## EXERCISE INSTRUCTIONS
Within the records that follow, restate exactly the lines from the line with "## iProperties" down to the line with "# Model space", including both. Omit the pictures.

───── SOURCE INFORMATION

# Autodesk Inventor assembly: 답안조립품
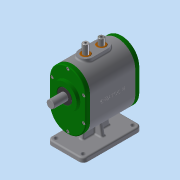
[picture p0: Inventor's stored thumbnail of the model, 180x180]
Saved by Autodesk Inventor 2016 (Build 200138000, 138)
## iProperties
Created: 2018-10
Part Number: 답안조립품
Material: 일반
Document SubType Name: Assembly
Designer: 3sil_cad0123
Mass: 2684.67 g
Surface Area: 2130.56 cm^2
Volume: 748.302 cm^3
Density: 3.58769 g/cm^3
Author: 3sil_cad0123
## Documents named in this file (15)
- C:\Users\3sil_cad0123\Desktop\381008V1007\답안조립품.iam
- C:\Users\3sil_cad0123\Desktop\381008V1007\본체.ipt
- C:\Users\3sil_cad0123\Desktop\381008V1007\가변 스프링1.ipt
- C:\Users\3sil_cad0123\Desktop\381008V1007\가변 스프링2.ipt
- C:\Users\3sil_cad0123\Desktop\381008V1007\뒤커버.ipt
- C:\Users\3sil_cad0123\Desktop\381008V1007\메인축.ipt
- C:\Users\3sil_cad0123\Desktop\381008V1007\베어링 608.ipt
- C:\Users\3sil_cad0123\Desktop\381008V1007\베어링 6003.ipt
- C:\Users\3sil_cad0123\Desktop\381008V1007\볼트 M4.ipt
- C:\Users\3sil_cad0123\Desktop\381008V1007\부시.ipt
- C:\Users\3sil_cad0123\Desktop\381008V1007\서브축.ipt
- C:\Users\3sil_cad0123\Desktop\381008V1007\슬라이더.ipt
- C:\Users\3sil_cad0123\Desktop\381008V1007\앞커버.ipt
- C:\Users\3sil_cad0123\Desktop\381008V1007\오일실 8 22 7.ipt
- C:\Users\3sil_cad0123\Desktop\381008V1007\오일실 17 32 8.ipt
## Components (2 placed, 2 different names)
1. 가변 스프링1:1
2. 가변 스프링2:1
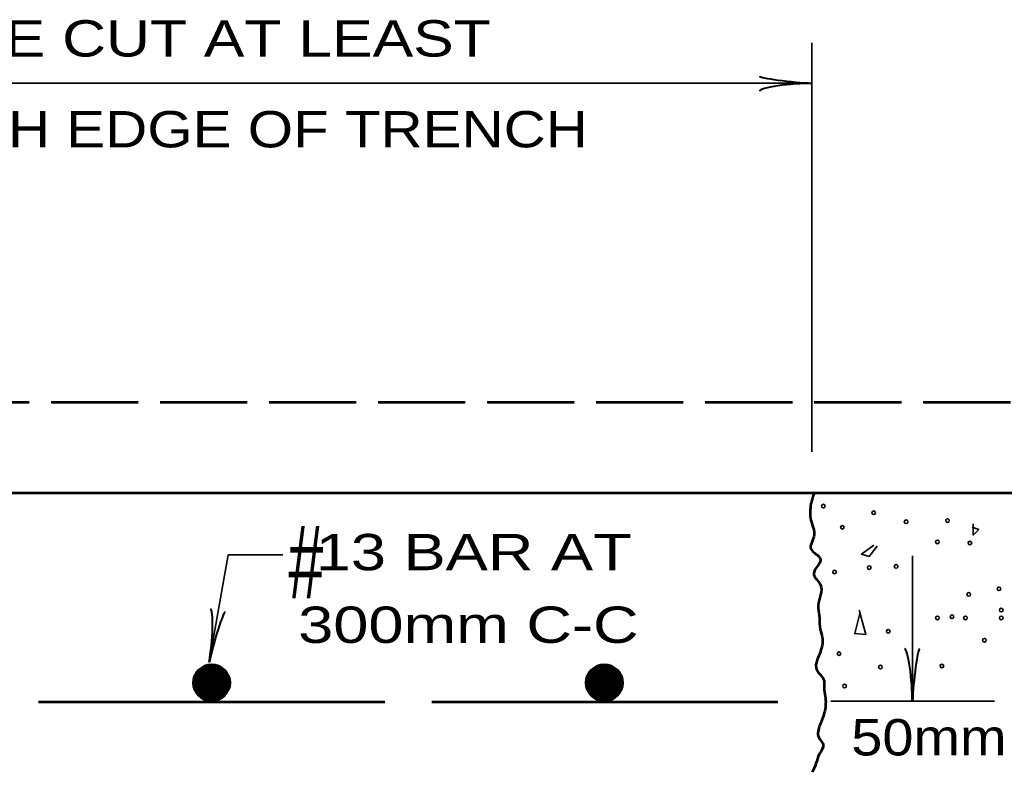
# Model space of a CAD drawing. Extents: x -617 to 238, y 23 to 567.
# Drawn here: x -228.6 to -163.5, y 382.7 to 432.4 of the extents above; entities that cross this region are included whole.
import ezdxf
from ezdxf.enums import TextEntityAlignment as Align

# ---------------------------------------------------------------- set-up
doc = ezdxf.new("R2010")
doc.units = 0
doc.header["$LTSCALE"] = 0.96
doc.linetypes.add('LONG_DASHED', pattern=[7.5, 6, -1.5])
doc.layers.add('1', color=7, linetype='Continuous', lineweight=40)

msp = doc.modelspace()

# ---------------------------------------------------------------- linework, layer by layer
at = {"layer": '1', "lineweight": 35}
for p, q in [((-176.2353, 403.8593), (-176.2353, 430.8593)), ((-283.0353, 428.2004), (-176.2353, 428.2004)), ((-216.0409, 389.9636), (-214.7907, 397.0543)), ((-214.7907, 397.0543), (-211.1906, 397.0543)), ((-169.5989, 387.3748), (-169.5989, 396.9748)), ((-174.9802, 387.3748), (-164.1802, 387.3748))]:
    msp.add_line(p, q, dxfattribs=at)
at = {"layer": '1', "linetype": 'LONG_DASHED', "lineweight": 53}
msp.add_line((-327.291, 407.1379), (-135.291, 407.1379), dxfattribs=at)
at = {"layer": '1', "lineweight": 53}
for p, q in [((-327.291, 401.1379), (-135.291, 401.1379)), ((-227.3125, 387.3379), (-204.45, 387.3379)), ((-201.3475, 387.3379), (-178.491, 387.3379))]:
    msp.add_line(p, q, dxfattribs=at)
at = {"layer": '1', "lineweight": 35}
for points in [[(-165.5847, 399.0837), (-165.5847, 398.345), (-165.2154, 398.7143), (-165.6586, 398.8621)], [(-172.1592, 397.6802), (-172.9718, 397.0892), (-172.4547, 396.9415), (-171.9376, 397.6063)], [(-173.0456, 393.2479), (-173.415, 391.8444), (-172.6763, 391.7705), (-173.1195, 393.3957)]]:
    msp.add_lwpolyline(points, dxfattribs=at)
for centre in [(-175.4834, 400.2656), (-172.1592, 399.8224), (-170.017, 399.2314), (-167.2838, 399.3053), (-174.2276, 398.8621), (-167.9486, 397.9018), (-165.8064, 397.8279), (-174.7447, 395.9073), (-172.4547, 396.2028), (-170.6818, 396.2766), (-163.8857, 394.7992), (-165.8802, 394.4299), (-163.738, 393.3957), (-167.9486, 392.8786), (-166.9883, 392.9525), (-166.1018, 392.8786), (-163.738, 392.8786), (-171.1989, 391.9921), (-164.846, 391.4012), (-174.4492, 390.5147), (-171.716, 389.6283), (-167.6531, 389.7022), (-174.0798, 388.3725)]:
    msp.add_circle(centre, 0.12, dxfattribs=at)
at = {"layer": '1', "lineweight": 53}
for centre, radius in [((-215.8876, 388.5949), 1.2), ((-215.8925, 388.5726), 1.0988), ((-215.895, 388.6419), 1.032), ((-215.8925, 388.6122), 0.9607), ((-189.9492, 388.595), 1.2), ((-189.9541, 388.5727), 1.0988), ((-189.9566, 388.642), 1.032), ((-189.9541, 388.6123), 0.9607), ((-215.8802, 388.5801), 0.884), ((-215.8679, 388.5677), 0.8128), ((-215.8555, 388.5702), 0.7422), ((-215.8481, 388.5801), 0.6733), ((-215.8406, 388.6073), 0.6068), ((-215.8407, 388.6098), 0.5282), ((-215.8283, 388.6147), 0.4508), ((-215.8308, 388.6147), 0.3792), ((-215.8357, 388.6345), 0.3052), ((-189.9418, 388.5802), 0.884), ((-189.9295, 388.5678), 0.8128), ((-189.9171, 388.5703), 0.7422), ((-189.9096, 388.5802), 0.6733), ((-189.9022, 388.6073), 0.6068), ((-189.9023, 388.6098), 0.5282), ((-189.8899, 388.6148), 0.4508), ((-189.8924, 388.6148), 0.3792), ((-189.8973, 388.6346), 0.3052), ((-215.8332, 388.627), 0.2278), ((-215.8307, 388.6345), 0.166), ((-215.8208, 388.6245), 0.1015), ((-215.8209, 388.627), 0.0427), ((-189.8948, 388.6272), 0.2278), ((-189.8923, 388.6346), 0.166), ((-189.8824, 388.6247), 0.1015), ((-189.8825, 388.6272), 0.0427)]:
    msp.add_circle(centre, radius, dxfattribs=at)
at = {"layer": '1'}
for centre, major_axis, ratio, start_param, end_param in [((-177.5799, 428.4543), (2.1077, -0.2108), 0.07063, 3.1407148, 5.41811), ((-177.5447, 427.8688), (2.1428, 0.1874), 0.122415, 0.8963533, 3.1415927), ((-216.14, 391.3107), (-0.1876, -2.1428), 0.122415, 0.8963533, 3.1415927), ((-215.5573, 391.2437), (0.5736, 2.0391), 0.07063, 6.2823074, 8.5597026), ((-169.9305, 388.6842), (0.1874, -2.1428), 0.122415, 0.8963533, 3.1415927), ((-169.345, 388.7194), (0.2108, 2.1077), 0.07063, 6.2823074, 8.5597026)]:
    msp.add_ellipse(centre, major_axis=major_axis, ratio=ratio, start_param=start_param, end_param=end_param, dxfattribs=at)
at = {"layer": '1', "lineweight": 53}
msp.add_spline([(-176.091, 401.1379), (-176.3427, 400.1661), (-176.2319, 399.0581), (-176.0842, 398.3563), (-176.3058, 397.433), (-175.6779, 396.7681), (-176.1211, 395.8078), (-175.6779, 395.0691), (-175.8256, 393.7025), (-175.7518, 393.0377), (-175.7148, 392.299), (-175.5671, 391.6342), (-175.5671, 391.0432), (-175.8995, 389.3812), (-175.4932, 388.8641), (-175.4194, 388.1254), (-175.3455, 387.5714), (-175.4194, 386.611), (-175.7148, 385.7985), (-175.7887, 384.9859), (-175.4932, 384.5058), (-175.7518, 383.8779), (-175.9734, 383.25), (-176.2318, 382.6771)], degree=3, dxfattribs=at)

# ---------------------------------------------------------------- texts
at = {"layer": '1'}
for s, height, width, p in [('PAVEMENT TO BE CUT AT LEAST', 2.4, 1.25, (-229.7671, 429.9619)), ('300mm BEYOND EACH EDGE OF TRENCH', 2.4, 1.2, (-229.767, 423.9619)), ('#', 4.8, 0.65, (-209.6569, 394.1751)), ('50mm', 2.4, 1.15, (-168.5117, 383.7905))]:
    msp.add_text(s, height=height, dxfattribs=dict(at, width=width)).set_placement(p, align=Align.CENTER)
at = {"layer": '1', "width": 1.3}
for s, p in [(' 13 BAR AT', (-210.1686, 396.0265)), ('300mm C-C', (-210.1686, 391.2265))]:
    msp.add_text(s, height=2.4, dxfattribs=at).set_placement(p)

doc.saveas('drawing.dxf')

──────────

## SOLUTION TO THIS PROBLEM
## iProperties
Created: 2018-10
Part Number: 답안조립품
Material: 일반
Document SubType Name: Assembly
Designer: 3sil_cad0123
Mass: 2684.67 g
Surface Area: 2130.56 cm^2
Volume: 748.302 cm^3
Density: 3.58769 g/cm^3
Author: 3sil_cad0123
## Documents named in this file (15)
- C:\Users\3sil_cad0123\Desktop\381008V1007\답안조립품.iam
- C:\Users\3sil_cad0123\Desktop\381008V1007\본체.ipt
- C:\Users\3sil_cad0123\Desktop\381008V1007\가변 스프링1.ipt
- C:\Users\3sil_cad0123\Desktop\381008V1007\가변 스프링2.ipt
- C:\Users\3sil_cad0123\Desktop\381008V1007\뒤커버.ipt
- C:\Users\3sil_cad0123\Desktop\381008V1007\메인축.ipt
- C:\Users\3sil_cad0123\Desktop\381008V1007\베어링 608.ipt
- C:\Users\3sil_cad0123\Desktop\381008V1007\베어링 6003.ipt
- C:\Users\3sil_cad0123\Desktop\381008V1007\볼트 M4.ipt
- C:\Users\3sil_cad0123\Desktop\381008V1007\부시.ipt
- C:\Users\3sil_cad0123\Desktop\381008V1007\서브축.ipt
- C:\Users\3sil_cad0123\Desktop\381008V1007\슬라이더.ipt
- C:\Users\3sil_cad0123\Desktop\381008V1007\앞커버.ipt
- C:\Users\3sil_cad0123\Desktop\381008V1007\오일실 8 22 7.ipt
- C:\Users\3sil_cad0123\Desktop\381008V1007\오일실 17 32 8.ipt
## Components (2 placed, 2 different names)
1. 가변 스프링1:1
2. 가변 스프링2:1
# Model space of a CAD drawing. Extents: x -617 to 238, y 23 to 567.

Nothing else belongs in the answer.